TRY IT: For this exercise, copy the records below exactly and exclude every image.

(DATASET EXCERPTS Opens)

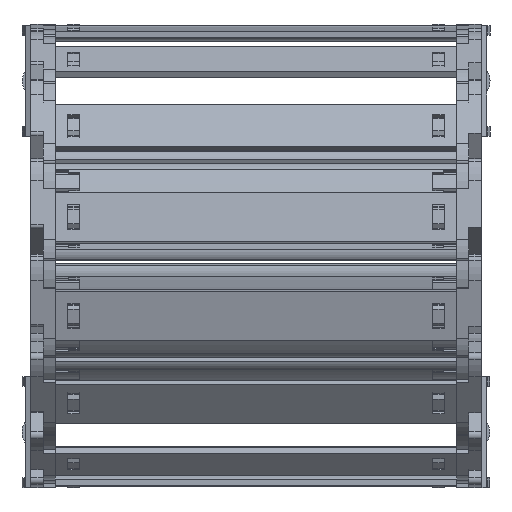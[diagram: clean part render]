
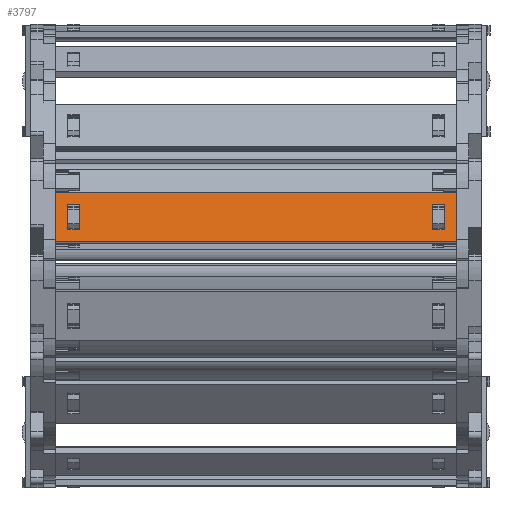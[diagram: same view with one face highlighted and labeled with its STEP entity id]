
A CAD part, top view. The second image highlights one B-rep face of the part: STEP entity #3797.
In plain terms, the highlighted planar face has unit normal (0, 0.174, 0.985) as drawn and (0, 1, 0) by its records, which use the part's own axes.
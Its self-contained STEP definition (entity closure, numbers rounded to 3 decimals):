
#2923=DIRECTION('',(0.,0.,1.));
#2924=VECTOR('',#2923,15.8);
#2925=CARTESIAN_POINT('',(110.74,1.5,-7.9));
#2926=LINE('',#2925,#2924);
#2930=DIRECTION('',(-1.,0.,0.));
#2931=VECTOR('',#2930,125.5);
#2932=CARTESIAN_POINT('',(110.74,1.5,7.9));
#2933=LINE('',#2932,#2931);
#2937=DIRECTION('',(0.,0.,-1.));
#2938=VECTOR('',#2937,15.8);
#2939=CARTESIAN_POINT('',(-14.76,1.5,7.9));
#2940=LINE('',#2939,#2938);
#2944=DIRECTION('',(1.,0.,0.));
#2945=VECTOR('',#2944,3.648);
#2946=CARTESIAN_POINT('',(103.122,1.5,4.075));
#2947=LINE('',#2946,#2945);
#2951=DIRECTION('',(0.,0.,-1.));
#2952=VECTOR('',#2951,8.15);
#2953=CARTESIAN_POINT('',(106.77,1.5,4.075));
#2954=LINE('',#2953,#2952);
#2958=DIRECTION('',(-1.,0.,0.));
#2959=VECTOR('',#2958,3.648);
#2960=CARTESIAN_POINT('',(106.77,1.5,-4.075));
#2961=LINE('',#2960,#2959);
#2965=DIRECTION('',(0.,0.,-1.));
#2966=VECTOR('',#2965,8.15);
#2967=CARTESIAN_POINT('',(-7.142,1.5,4.075));
#2968=LINE('',#2967,#2966);
#2972=DIRECTION('',(-1.,0.,0.));
#2973=VECTOR('',#2972,3.648);
#2974=CARTESIAN_POINT('',(-7.142,1.5,-4.075));
#2975=LINE('',#2974,#2973);
#2979=DIRECTION('',(0.,0.,1.));
#2980=VECTOR('',#2979,8.15);
#2981=CARTESIAN_POINT('',(-10.79,1.5,-4.075));
#2982=LINE('',#2981,#2980);
#2986=DIRECTION('',(1.,0.,0.));
#2987=VECTOR('',#2986,3.648);
#2988=CARTESIAN_POINT('',(-10.79,1.5,4.075));
#2989=LINE('',#2988,#2987);
#3000=DIRECTION('',(-1.,0.,0.));
#3001=VECTOR('',#3000,125.5);
#3002=CARTESIAN_POINT('',(110.74,1.5,-7.9));
#3003=LINE('',#3002,#3001);
#3208=DIRECTION('',(0.,0.,-1.));
#3209=VECTOR('',#3208,8.15);
#3210=CARTESIAN_POINT('',(103.122,1.5,4.075));
#3211=LINE('',#3210,#3209);
#3507=CARTESIAN_POINT('',(106.77,1.5,4.075));
#3508=VERTEX_POINT('',#3507);
#3509=CARTESIAN_POINT('',(103.122,1.5,4.075));
#3510=VERTEX_POINT('',#3509);
#3551=CARTESIAN_POINT('',(103.122,1.5,-4.075));
#3552=VERTEX_POINT('',#3551);
#3553=CARTESIAN_POINT('',(106.77,1.5,-4.075));
#3554=VERTEX_POINT('',#3553);
#3555=CARTESIAN_POINT('',(110.74,1.5,7.9));
#3557=VERTEX_POINT('',#3555);
#3559=CARTESIAN_POINT('',(110.74,1.5,-7.9));
#3560=VERTEX_POINT('',#3559);
#3583=CARTESIAN_POINT('',(-7.142,1.5,4.075));
#3584=CARTESIAN_POINT('',(-7.142,1.5,-4.075));
#3585=VERTEX_POINT('',#3583);
#3586=VERTEX_POINT('',#3584);
#3587=CARTESIAN_POINT('',(-10.79,1.5,-4.075));
#3588=VERTEX_POINT('',#3587);
#3589=CARTESIAN_POINT('',(-10.79,1.5,4.075));
#3590=VERTEX_POINT('',#3589);
#3591=CARTESIAN_POINT('',(-14.76,1.5,7.9));
#3592=VERTEX_POINT('',#3591);
#3595=CARTESIAN_POINT('',(-14.76,1.5,-7.9));
#3596=VERTEX_POINT('',#3595);
#3766=CARTESIAN_POINT('',(142.48,1.5,10.061));
#3767=DIRECTION('',(0.,-1.,0.));
#3768=DIRECTION('',(0.,0.,-1.));
#3769=AXIS2_PLACEMENT_3D('',#3766,#3767,#3768);
#3770=PLANE('',#3769);
#3771=ORIENTED_EDGE('',*,*,#3669,.T.);
#3772=ORIENTED_EDGE('',*,*,#3707,.T.);
#3773=ORIENTED_EDGE('',*,*,#3732,.T.);
#3775=ORIENTED_EDGE('',*,*,#3774,.F.);
#3776=EDGE_LOOP('',(#3771,#3772,#3773,#3775));
#3777=FACE_OUTER_BOUND('',#3776,.F.);
#3779=ORIENTED_EDGE('',*,*,#3778,.F.);
#3780=ORIENTED_EDGE('',*,*,#3608,.T.);
#3782=ORIENTED_EDGE('',*,*,#3781,.T.);
#3784=ORIENTED_EDGE('',*,*,#3783,.T.);
#3785=EDGE_LOOP('',(#3779,#3780,#3782,#3784));
#3786=FACE_BOUND('',#3785,.F.);
#3788=ORIENTED_EDGE('',*,*,#3787,.T.);
#3790=ORIENTED_EDGE('',*,*,#3789,.T.);
#3792=ORIENTED_EDGE('',*,*,#3791,.T.);
#3794=ORIENTED_EDGE('',*,*,#3793,.T.);
#3795=EDGE_LOOP('',(#3788,#3790,#3792,#3794));
#3796=FACE_BOUND('',#3795,.F.);
#3797=ADVANCED_FACE('',(#3777,#3786,#3796),#3770,.F.);
#3608=EDGE_CURVE('',#3510,#3508,#2947,.T.);
#3669=EDGE_CURVE('',#3560,#3557,#2926,.T.);
#3707=EDGE_CURVE('',#3557,#3592,#2933,.T.);
#3732=EDGE_CURVE('',#3592,#3596,#2940,.T.);
#3774=EDGE_CURVE('',#3560,#3596,#3003,.T.);
#3778=EDGE_CURVE('',#3510,#3552,#3211,.T.);
#3781=EDGE_CURVE('',#3508,#3554,#2954,.T.);
#3783=EDGE_CURVE('',#3554,#3552,#2961,.T.);
#3787=EDGE_CURVE('',#3585,#3586,#2968,.T.);
#3789=EDGE_CURVE('',#3586,#3588,#2975,.T.);
#3791=EDGE_CURVE('',#3588,#3590,#2982,.T.);
#3793=EDGE_CURVE('',#3590,#3585,#2989,.T.);

(DATASET EXCERPTS Closes)

ANSWER AREA:
[diagram: clean part render]
[diagram: same view with one face highlighted and labeled with its STEP entity id]
A CAD part, top view. The second image highlights one B-rep face of the part: STEP entity #3797.
In plain terms, the highlighted planar face has unit normal (0, 0.174, 0.985) as drawn and (0, 1, 0) by its records, which use the part's own axes.
Its self-contained STEP definition (entity closure, numbers rounded to 3 decimals):
#2923=DIRECTION('',(0.,0.,1.));
#2924=VECTOR('',#2923,15.8);
#2925=CARTESIAN_POINT('',(110.74,1.5,-7.9));
#2926=LINE('',#2925,#2924);
#2930=DIRECTION('',(-1.,0.,0.));
#2931=VECTOR('',#2930,125.5);
#2932=CARTESIAN_POINT('',(110.74,1.5,7.9));
#2933=LINE('',#2932,#2931);
#2937=DIRECTION('',(0.,0.,-1.));
#2938=VECTOR('',#2937,15.8);
#2939=CARTESIAN_POINT('',(-14.76,1.5,7.9));
#2940=LINE('',#2939,#2938);
#2944=DIRECTION('',(1.,0.,0.));
#2945=VECTOR('',#2944,3.648);
#2946=CARTESIAN_POINT('',(103.122,1.5,4.075));
#2947=LINE('',#2946,#2945);
#2951=DIRECTION('',(0.,0.,-1.));
#2952=VECTOR('',#2951,8.15);
#2953=CARTESIAN_POINT('',(106.77,1.5,4.075));
#2954=LINE('',#2953,#2952);
#2958=DIRECTION('',(-1.,0.,0.));
#2959=VECTOR('',#2958,3.648);
#2960=CARTESIAN_POINT('',(106.77,1.5,-4.075));
#2961=LINE('',#2960,#2959);
#2965=DIRECTION('',(0.,0.,-1.));
#2966=VECTOR('',#2965,8.15);
#2967=CARTESIAN_POINT('',(-7.142,1.5,4.075));
#2968=LINE('',#2967,#2966);
#2972=DIRECTION('',(-1.,0.,0.));
#2973=VECTOR('',#2972,3.648);
#2974=CARTESIAN_POINT('',(-7.142,1.5,-4.075));
#2975=LINE('',#2974,#2973);
#2979=DIRECTION('',(0.,0.,1.));
#2980=VECTOR('',#2979,8.15);
#2981=CARTESIAN_POINT('',(-10.79,1.5,-4.075));
#2982=LINE('',#2981,#2980);
#2986=DIRECTION('',(1.,0.,0.));
#2987=VECTOR('',#2986,3.648);
#2988=CARTESIAN_POINT('',(-10.79,1.5,4.075));
#2989=LINE('',#2988,#2987);
#3000=DIRECTION('',(-1.,0.,0.));
#3001=VECTOR('',#3000,125.5);
#3002=CARTESIAN_POINT('',(110.74,1.5,-7.9));
#3003=LINE('',#3002,#3001);
#3208=DIRECTION('',(0.,0.,-1.));
#3209=VECTOR('',#3208,8.15);
#3210=CARTESIAN_POINT('',(103.122,1.5,4.075));
#3211=LINE('',#3210,#3209);
#3507=CARTESIAN_POINT('',(106.77,1.5,4.075));
#3508=VERTEX_POINT('',#3507);
#3509=CARTESIAN_POINT('',(103.122,1.5,4.075));
#3510=VERTEX_POINT('',#3509);
#3551=CARTESIAN_POINT('',(103.122,1.5,-4.075));
#3552=VERTEX_POINT('',#3551);
#3553=CARTESIAN_POINT('',(106.77,1.5,-4.075));
#3554=VERTEX_POINT('',#3553);
#3555=CARTESIAN_POINT('',(110.74,1.5,7.9));
#3557=VERTEX_POINT('',#3555);
#3559=CARTESIAN_POINT('',(110.74,1.5,-7.9));
#3560=VERTEX_POINT('',#3559);
#3583=CARTESIAN_POINT('',(-7.142,1.5,4.075));
#3584=CARTESIAN_POINT('',(-7.142,1.5,-4.075));
#3585=VERTEX_POINT('',#3583);
#3586=VERTEX_POINT('',#3584);
#3587=CARTESIAN_POINT('',(-10.79,1.5,-4.075));
#3588=VERTEX_POINT('',#3587);
#3589=CARTESIAN_POINT('',(-10.79,1.5,4.075));
#3590=VERTEX_POINT('',#3589);
#3591=CARTESIAN_POINT('',(-14.76,1.5,7.9));
#3592=VERTEX_POINT('',#3591);
#3595=CARTESIAN_POINT('',(-14.76,1.5,-7.9));
#3596=VERTEX_POINT('',#3595);
#3766=CARTESIAN_POINT('',(142.48,1.5,10.061));
#3767=DIRECTION('',(0.,-1.,0.));
#3768=DIRECTION('',(0.,0.,-1.));
#3769=AXIS2_PLACEMENT_3D('',#3766,#3767,#3768);
#3770=PLANE('',#3769);
#3771=ORIENTED_EDGE('',*,*,#3669,.T.);
#3772=ORIENTED_EDGE('',*,*,#3707,.T.);
#3773=ORIENTED_EDGE('',*,*,#3732,.T.);
#3775=ORIENTED_EDGE('',*,*,#3774,.F.);
#3776=EDGE_LOOP('',(#3771,#3772,#3773,#3775));
#3777=FACE_OUTER_BOUND('',#3776,.F.);
#3779=ORIENTED_EDGE('',*,*,#3778,.F.);
#3780=ORIENTED_EDGE('',*,*,#3608,.T.);
#3782=ORIENTED_EDGE('',*,*,#3781,.T.);
#3784=ORIENTED_EDGE('',*,*,#3783,.T.);
#3785=EDGE_LOOP('',(#3779,#3780,#3782,#3784));
#3786=FACE_BOUND('',#3785,.F.);
#3788=ORIENTED_EDGE('',*,*,#3787,.T.);
#3790=ORIENTED_EDGE('',*,*,#3789,.T.);
#3792=ORIENTED_EDGE('',*,*,#3791,.T.);
#3794=ORIENTED_EDGE('',*,*,#3793,.T.);
#3795=EDGE_LOOP('',(#3788,#3790,#3792,#3794));
#3796=FACE_BOUND('',#3795,.F.);
#3797=ADVANCED_FACE('',(#3777,#3786,#3796),#3770,.F.);
#3608=EDGE_CURVE('',#3510,#3508,#2947,.T.);
#3669=EDGE_CURVE('',#3560,#3557,#2926,.T.);
#3707=EDGE_CURVE('',#3557,#3592,#2933,.T.);
#3732=EDGE_CURVE('',#3592,#3596,#2940,.T.);
#3774=EDGE_CURVE('',#3560,#3596,#3003,.T.);
#3778=EDGE_CURVE('',#3510,#3552,#3211,.T.);
#3781=EDGE_CURVE('',#3508,#3554,#2954,.T.);
#3783=EDGE_CURVE('',#3554,#3552,#2961,.T.);
#3787=EDGE_CURVE('',#3585,#3586,#2968,.T.);
#3789=EDGE_CURVE('',#3586,#3588,#2975,.T.);
#3791=EDGE_CURVE('',#3588,#3590,#2982,.T.);
#3793=EDGE_CURVE('',#3590,#3585,#2989,.T.);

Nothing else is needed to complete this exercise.